I went out with some friends tonight for a little Chick’s Christmas (yeah that is what we called it) at Buca di Beppo which was a lot of fun but it led me to consider some questions of myself and others. What brings this train of thought about was that we had a fun evening with the girls and we did the whole “dirty Santa exchange” and the meal. Jokes were told and gossip was shared. Fun stuff right?
Strong independent women at the table begin talking about what time they needed to get home and if they should have coffee instead of just getting going. Suddenly I felt myself getting a little upset inside. I know that all of us lead busy lives and I can respect that… The only question is what happened to being able to spend a night with friends without having to check in? None of us have infants and all of us have husbands that are able to manage the kids and home without them. As for me, I am not in the kind of relationship that I have to or feel compelled to check in with my husband.
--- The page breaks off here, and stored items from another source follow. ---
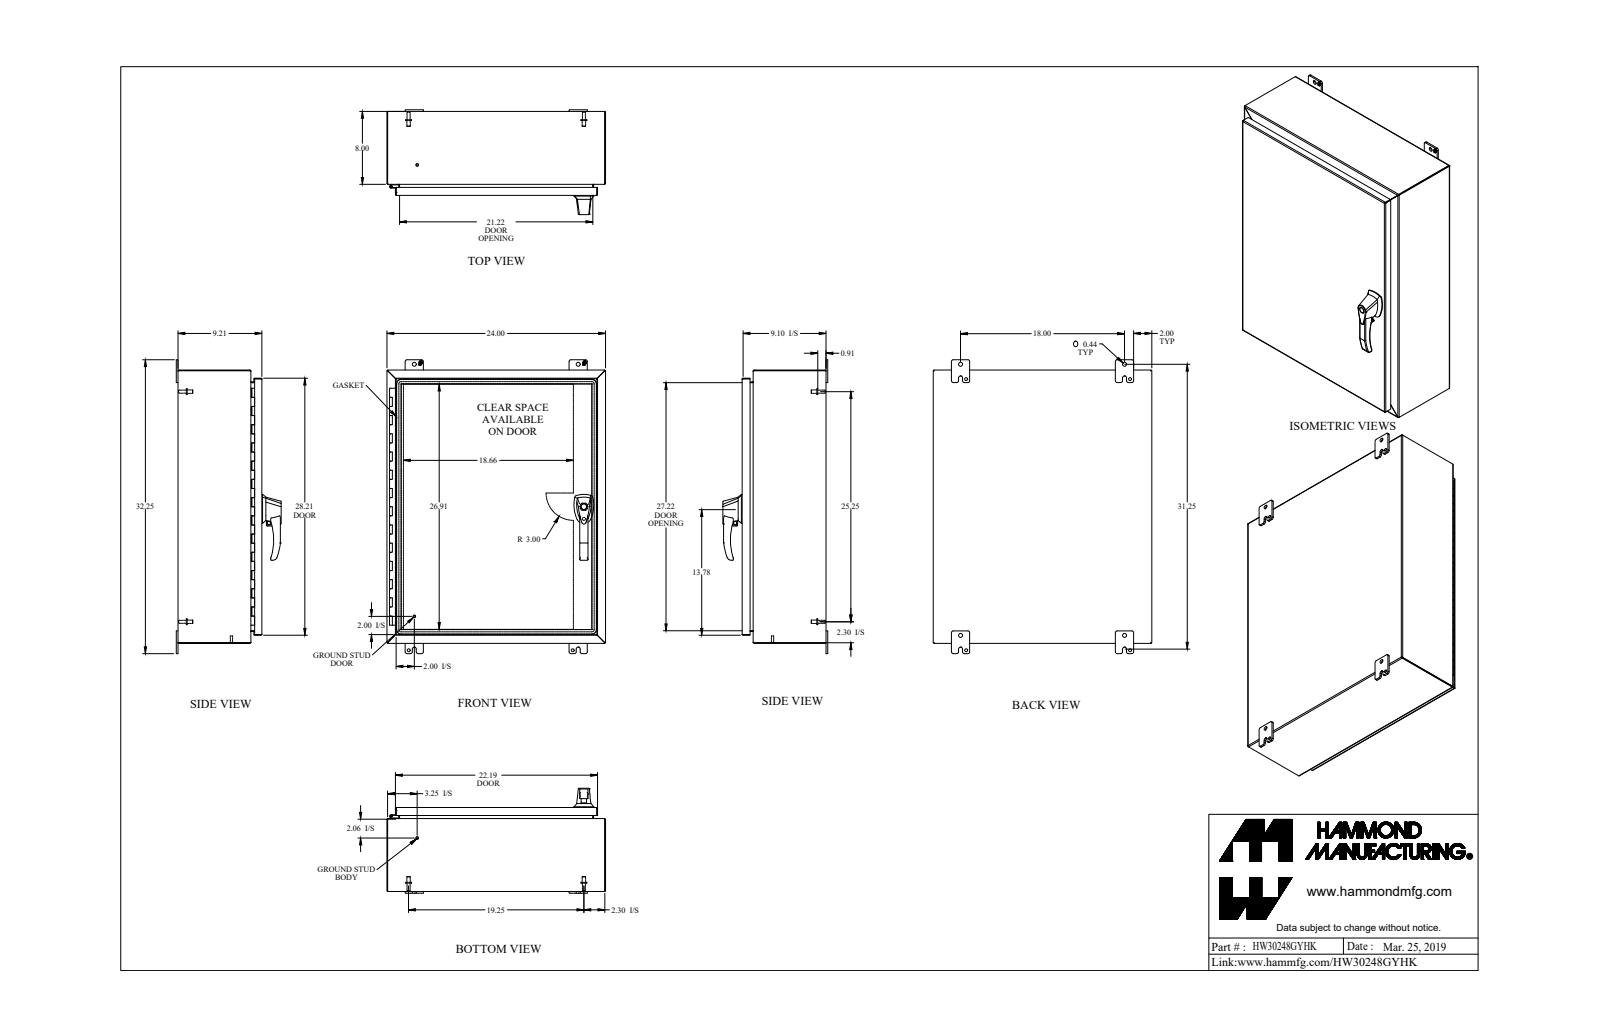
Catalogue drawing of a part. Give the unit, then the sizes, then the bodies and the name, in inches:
Units: inches
Overall size (bounding box): 32.25 × 24 × 11.512
Round holes (diameter × count): ⌀0.176 ×6, ⌀0.313 ×4, ⌀0.25 ×3, ⌀0.265 ×3, ⌀0.413 ×3, ⌀0.196 ×2, ⌀0.256 ×2, ⌀0.394 ×2, ⌀0.437 ×2, ⌀0.187 ×1, ⌀0.233 ×1, ⌀0.334 ×1
Round bosses / shafts (diameter × count): ⌀0.375 ×9, ⌀0.25 ×7, ⌀0.156 ×6, ⌀0.65 ×4, ⌀0.33 ×4, ⌀1 ×3, ⌀0.63 ×2, ⌀0.51 ×2
Partial cylindrical surfaces — rounded edges, fillets, slot ends (radius × count): R0.25 ×27, R0.188 ×24, R0.036 ×20, R0.108 ×20, R0.06 ×12, R0.125 ×9, R0.045 ×8, R0.218 ×8
Main face-to-face distances: 0.072, 0.072, 9.138, 9.066, 9.21, 9.138, 23.928, 29.928, 7.928, 23.856
Hole centre spacings: 11.118, 11.119, 22.237, 1.111, 11.119, 18, 31.381, 1.005
Volume: 221.5 in³ · Surface area: 5 701 in²
Bodies: 39 solids, 1419 faces (692 planar, 583 cylindrical, 144 other)
Part name (STEP PRODUCT): HW30248GYHK
STEP written by: SolidWorks 2018 (AUTOMOTIVE_DESIGN)
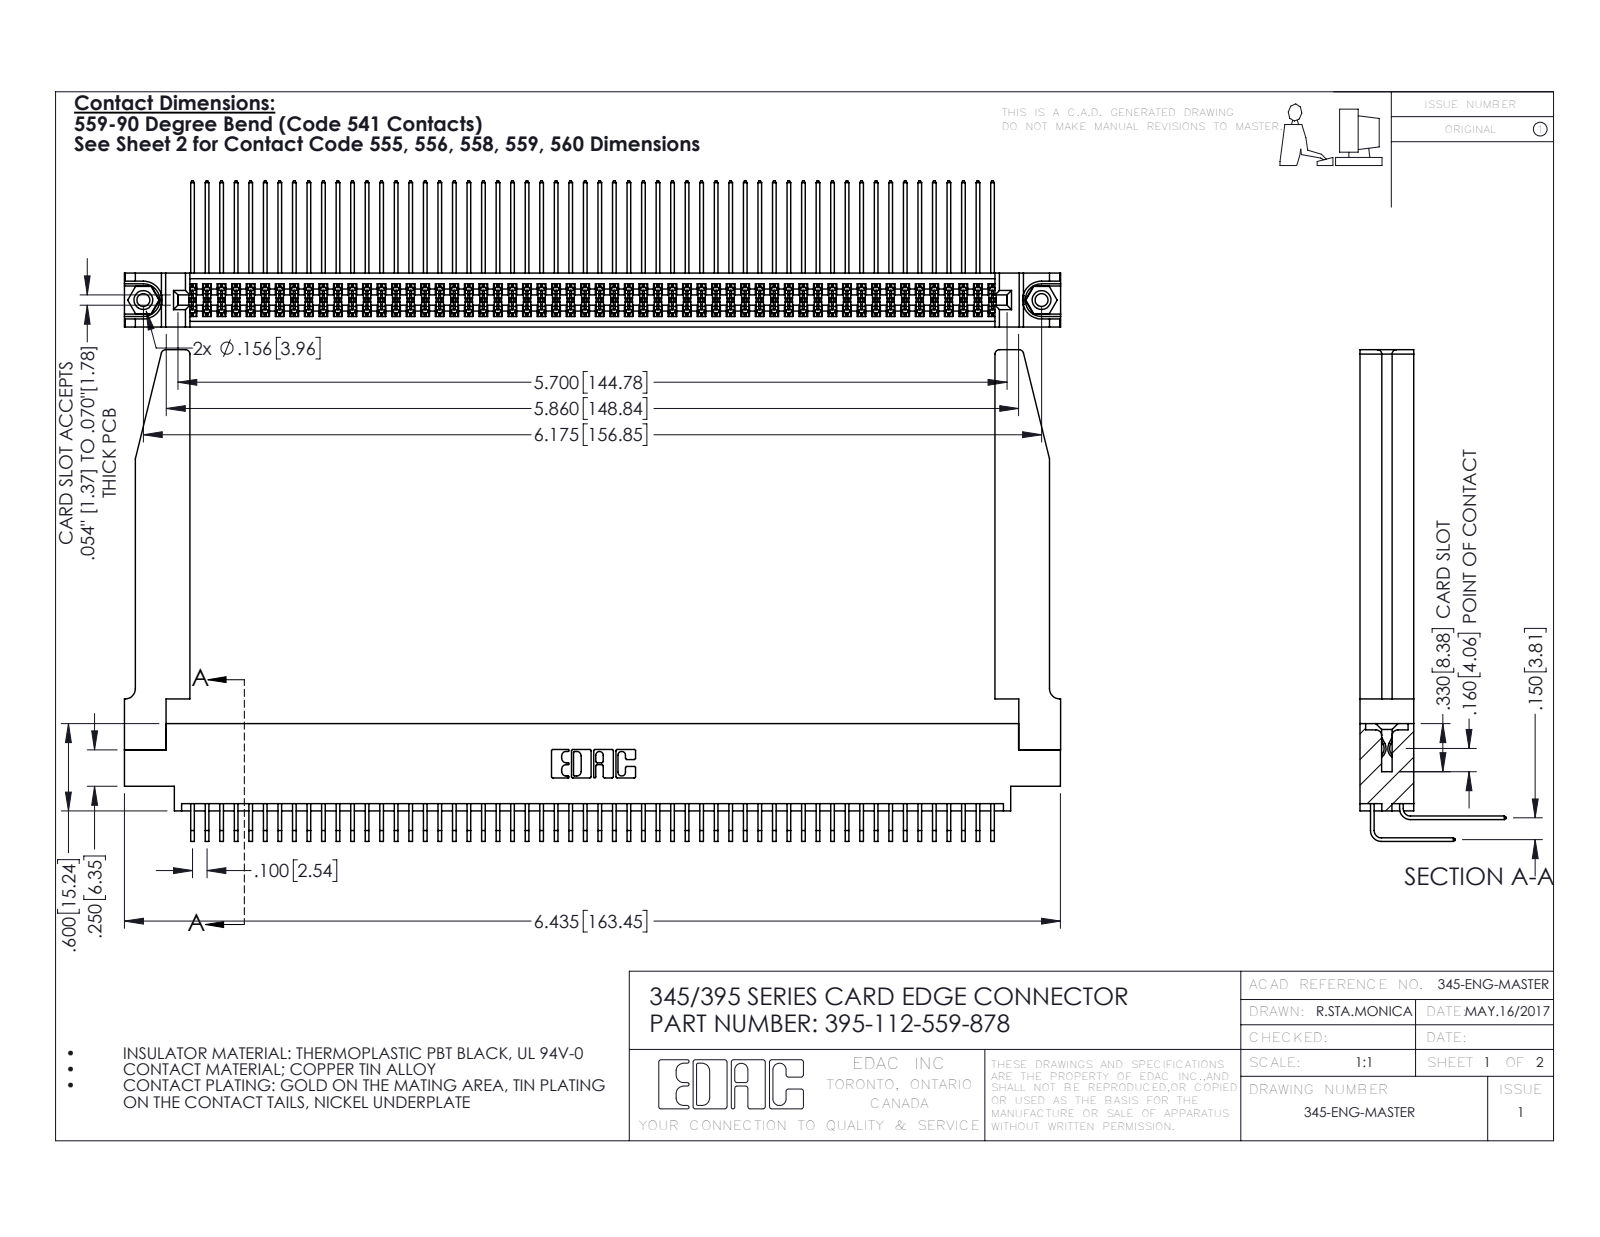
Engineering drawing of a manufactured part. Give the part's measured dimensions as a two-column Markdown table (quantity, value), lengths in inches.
| quantity | value |
| --- | --- |
| part name | 345 Part_0.170 Offset - 0.156 Dia-TH; 345-292-001_558 559 Tail - 1; 345-250-001_345-250-001-102; 345-292-001_559 Tail - 2 (+2 more) |
| STEP written by | SolidWorks 2016 (CONFIG_CONTROL_DESIGN) |
| units | inches |
| bodies | 117 solids, 6188 faces (4146 planar, 1990 cylindrical, 52 other) |
| overall size | 6.436 × 3.379 × 1.005 |
| volume | 1.484 in³ |
| surface area | 53.85 in² |
| round holes (diameter × count) | 0.089 × 2, 0.125 × 2, 0.156 × 2, 0.064 × 1 |
| round bosses / shafts (diameter × count) | 0.155 × 2 |
| partial cylindrical surfaces (radius × count) | 0.006 × 168, 0.01 × 22, 0.03 × 8, 0.007 × 6, 0.031 × 6, 0.026 × 3, 0.014 × 2, 0.019 × 2 |
| main face-to-face distances | 0.072, 0.37, 0.298, 0.098, 0.272, 0.025, 0.2, 0.225, 0.15, 0.175 |
| hole center spacings | 0.27, 5.939, 6.175 |

As I drove home I began to realize that every time I have been with friends over the last several years I outlast everyone. I mean I am not staying out until 3 or 4 am but I know I could . The problem is that the pool of people who are my age or who I am friends with just have become well… old. Sometimes I feel like a freak in my circle of friends. I am the one who is still ready to go to the next place when people are ready to go home at 11 pm, the one who wants one more drink, and basically the one who talks about sex openly.
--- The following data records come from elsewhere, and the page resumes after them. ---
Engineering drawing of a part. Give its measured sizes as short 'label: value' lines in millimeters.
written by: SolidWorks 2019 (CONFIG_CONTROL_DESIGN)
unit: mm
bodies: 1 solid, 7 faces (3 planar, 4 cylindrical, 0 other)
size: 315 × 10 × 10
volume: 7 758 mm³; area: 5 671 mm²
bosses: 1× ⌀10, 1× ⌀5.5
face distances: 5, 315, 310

Age and maturity are not the same thing and the way you view life can be like that of a teen or young 20’s person or you can have the viewpoint of a 60 year old. Isn’t it really all in how you view life? I know that I am not a teen and I sure don’t want to be in the 20’s again. I just want to feel like I am still vibrant and youthful as long as I can. So the question is how old do you feel and when did you get so old? (or maybe like me you did not get old yet). We have to remember that you can maintain maturity and have youthfulness if you choose that path. You can also choose a path at a younger age of being more set in your ways much like that of a “typical” older person. ( not everyone) What age do you feel like today?